My list also includes that a choreographer is:
A movement artist
A conceptual artist
A sculptor of space
A multimedia designer
A social and political commentator
A kinetic journalist
A cultural reflection-ist
There are many reasons that dance is valuable to the students at this polytechnic. Notably, many students find connections between whatever discipline they study, to dance and to the body’s wisdom. The connection to creativity through dance fuels new and progressive ideas and provides tools to access the creative process.
In the words of Kate Barton,” Dance has so many parallels to my architectural education.

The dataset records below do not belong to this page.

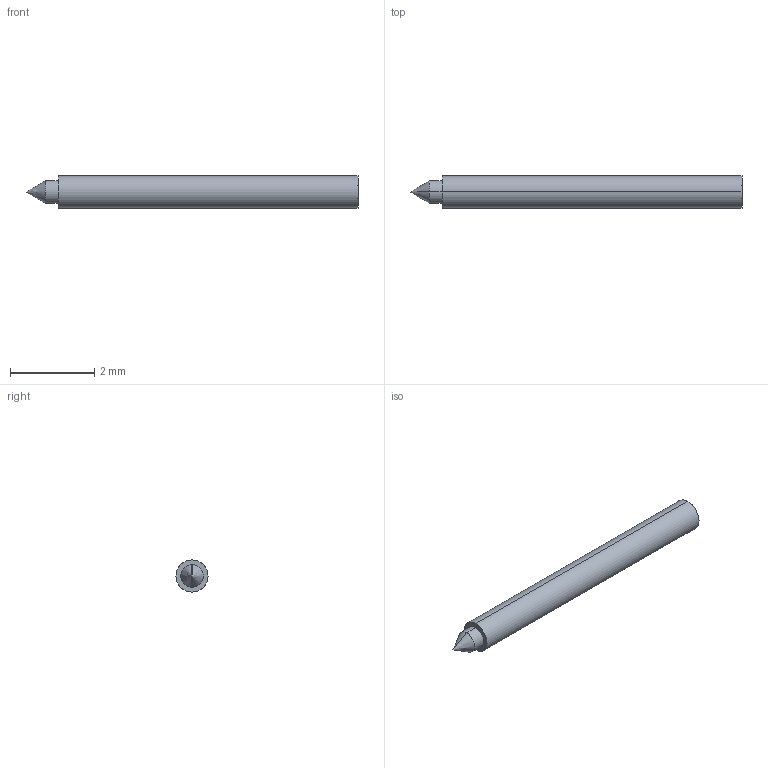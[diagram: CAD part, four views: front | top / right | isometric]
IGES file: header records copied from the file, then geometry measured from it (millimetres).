
Start section: SolidWorks IGES file using analytic representation for surfaces
Global section: file name: O:\PYLON\IGES FILES\A-A-S\A-A-S-C.IGS; native system: SolidWorks 2015; preprocessor: SolidWorks 2015; author: kgolden; date: 171023.142428; units: inch
Bounding box: 7.87 x 0.76 x 0.76 mm (x, y, z)
Surface area: 20.9 mm2 (no closed solid volume)
Topology: 0 solids, 0 shells, 11 faces, 112 edges, 110 vertices
Faces by surface type: revolution 8, bspline 3

Choreographing is like making a living model where I can explore space-making and circulation patterns with infinite flexibility.”
Expression balances analytical thinking, and for many students, somatic knowledge and kinesthetic learning dominates their educational experience. Also, dance nurtures the aesthetic, it gives the students the experience and the tools to evaluate and interpret meaning in symbolic and non-verbal forms. The possibilities for communication become infinitely multi layered and rich.
In terms of the last question – what they remember from the performances – many dancers commented on the joy and power of shared experiences, connections they made with others while dancing, and the joy of collaboration and teamwork. I was deeply touched by the many comments students made about witnessing the incredible beauty of their colleagues in various moments throughout the performance. How generous and mature it is of them to recognize and support the beauty and success in others. Bravo. Until next time…. we keep dancing.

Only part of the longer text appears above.